Stored dataset items
● ● ●
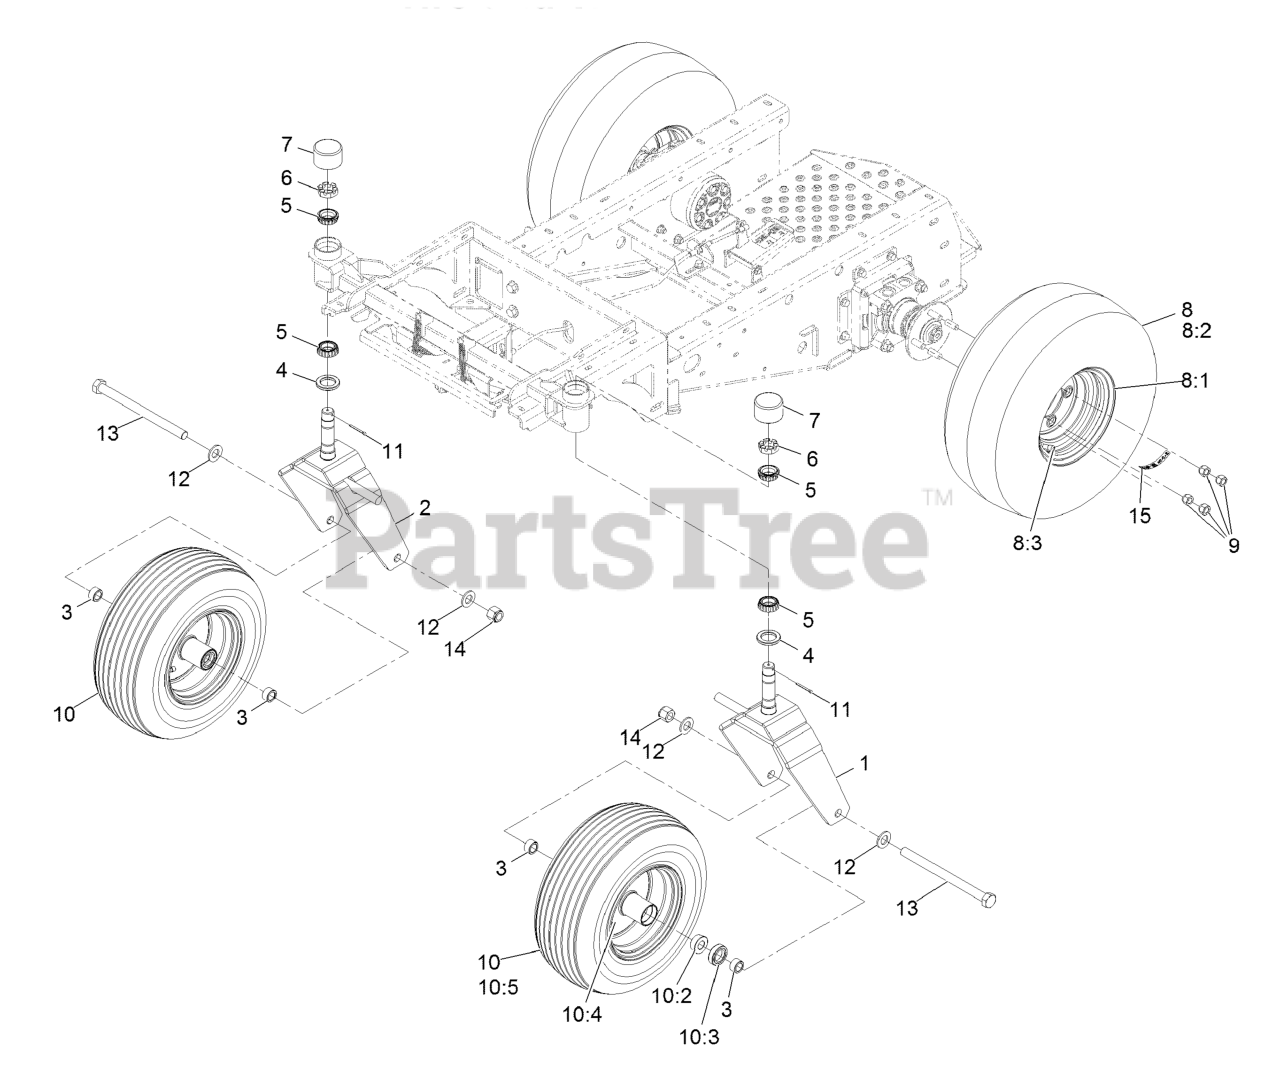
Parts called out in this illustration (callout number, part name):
1	X-REF TO 135-5441-03
2	X-REF TO 135-5446-03
3	SPACER-AXLE
4	SEAL-GREASE
5	CONE-BEARING, OUTER
6	NUT-SHH
7	CAP-DUST, RUBBER
8	WHEEL AND TIRE ASM
8:1	RIM-8X5.375, CENTERED
8:2	Tire- 20 X 8 4 Ply
8:3	Stem-Valve
9	NUT-LUG
10	WHEEL AND TIRE
10:2	BEARING-CONE, TAPERED ROLLER
10:3	SEAL-CASTER
10:4	VALVE
10:5	Tire-Rib
11	Pin-Cotter
12	WASHER-FLAT
13	SCREW-HH
14	NUT-LOCK, NI
15	DECAL-TORQUE, WHEEL HUB LUG
● ● ●
- WHAT THE TASK REQUIRES
Without the pictures, reproduce the entries exactly.

- OUTPUT OF THE TASK
Parts called out in this illustration (callout number, part name):
1	X-REF TO 135-5441-03
2	X-REF TO 135-5446-03
3	SPACER-AXLE
4	SEAL-GREASE
5	CONE-BEARING, OUTER
6	NUT-SHH
7	CAP-DUST, RUBBER
8	WHEEL AND TIRE ASM
8:1	RIM-8X5.375, CENTERED
8:2	Tire- 20 X 8 4 Ply
8:3	Stem-Valve
9	NUT-LUG
10	WHEEL AND TIRE
10:2	BEARING-CONE, TAPERED ROLLER
10:3	SEAL-CASTER
10:4	VALVE
10:5	Tire-Rib
11	Pin-Cotter
12	WASHER-FLAT
13	SCREW-HH
14	NUT-LOCK, NI
15	DECAL-TORQUE, WHEEL HUB LUG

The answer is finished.